Wednesday, December 21, 2011

Ko Chang

SCXUBA
Tha Nam (Lonely) Beach

Studying for our scuba exam - and you thought our lives were easy

The newfound swagger of a certified diver

My once-a-day health regimen

Making it happen on the overnight party train to Chaing Mai

Ko Chang is the large, elephant-shaped island in the Gulf of Thailand, near the Cambodian border.  Happy to escape from busy Bangkok, what should have been a short stopover turned to over a week and half on the island.  It was not all play, though: I was sick the entire time, and Christina dealt with her own ear infections before catching my virus.  Of course there are worse places to rest and recover.  

But beyond the attractive beaches, curious macaques, and shoe-stealing puppies, the real reason we stuck around was to learn to scuba dive.  It is dangerous to go under while congested or ear-infected, so we had to wait it out before beginning our PADI course.  The equipment and procedure took some getting used to, but with the help of our Scottish instructor Mark, we quickly got comfortable at depth.  It is a thrill to breathe underwater, and it was quite dramatic to descend freely for the first time, unable to see the ocean floor, the sunlight at the surface dimming as I fell.  Our certification means we can dive on our own at depths up to 18 meters, which I promise is much deeper than it sounds.  It is another world down there, and we're eager to explore it.  "Don't ride the manta rays!"

Friday, December 9, 2011

Baby Goats, Everyone?

Goatpower




On the night of King Bhumibol's 84th birthday, by a pier in Downtown Bangkok, we found a small pen filled with baby goats.  For 20 Thai Baht, or about 70 cents, we could bottle feed them.  We did.

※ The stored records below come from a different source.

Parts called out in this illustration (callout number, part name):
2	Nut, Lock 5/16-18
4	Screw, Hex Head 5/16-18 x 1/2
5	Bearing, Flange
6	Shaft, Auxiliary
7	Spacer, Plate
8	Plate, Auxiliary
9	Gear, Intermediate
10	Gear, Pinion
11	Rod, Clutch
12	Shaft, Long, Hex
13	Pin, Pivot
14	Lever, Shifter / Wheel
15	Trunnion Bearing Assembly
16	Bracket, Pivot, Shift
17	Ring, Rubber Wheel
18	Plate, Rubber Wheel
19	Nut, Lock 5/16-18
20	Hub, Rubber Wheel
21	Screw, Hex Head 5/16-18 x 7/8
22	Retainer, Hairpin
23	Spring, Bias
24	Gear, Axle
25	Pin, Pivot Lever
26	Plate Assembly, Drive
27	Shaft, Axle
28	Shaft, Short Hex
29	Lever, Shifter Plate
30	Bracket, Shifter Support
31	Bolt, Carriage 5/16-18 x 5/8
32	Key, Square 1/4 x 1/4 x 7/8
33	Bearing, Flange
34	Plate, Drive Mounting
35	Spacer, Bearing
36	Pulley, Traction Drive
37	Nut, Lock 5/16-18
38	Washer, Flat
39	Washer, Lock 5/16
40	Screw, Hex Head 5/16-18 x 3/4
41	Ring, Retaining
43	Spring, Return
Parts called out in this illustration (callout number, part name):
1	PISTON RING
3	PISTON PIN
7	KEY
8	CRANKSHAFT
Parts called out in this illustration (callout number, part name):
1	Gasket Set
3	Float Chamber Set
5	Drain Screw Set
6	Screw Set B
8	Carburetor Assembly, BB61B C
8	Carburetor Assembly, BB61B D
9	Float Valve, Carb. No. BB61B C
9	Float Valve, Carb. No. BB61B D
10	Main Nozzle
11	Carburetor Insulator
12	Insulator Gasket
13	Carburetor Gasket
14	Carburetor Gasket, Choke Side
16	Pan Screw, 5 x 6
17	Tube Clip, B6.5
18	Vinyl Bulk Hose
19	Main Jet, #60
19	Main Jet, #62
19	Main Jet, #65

Thursday, December 8, 2011

Gin Len

Eat

Jui Kuai





Part of the fun is telling the chef how delicious his/her food is

Our Egyptian feast: Molokhia, Moussaka Béchamel, Bamia Stew

Clichéd but irresistible backpacker stand: Pad Thai and springrolls

Fighting the heat with Thai Iced Tea and Coffee


Gin Len, literally to "eat for fun," is a Thai way of life.  You cannot walk down the street without being stopped by the sights, smells, and once you've caved, tastes of the endless rows of food stands.  How do you resist sesame battered bananas fried crisp before your eyes, sweet and savory doughnuts, fresh mango salad, whole fried fish, fresh young coconut juice, curries of all color and composition, stir-fried rice noodles, nutella pancakes, tropical fruit smoothies, fried sweet peanut crackers, ad infinitum?  You don't.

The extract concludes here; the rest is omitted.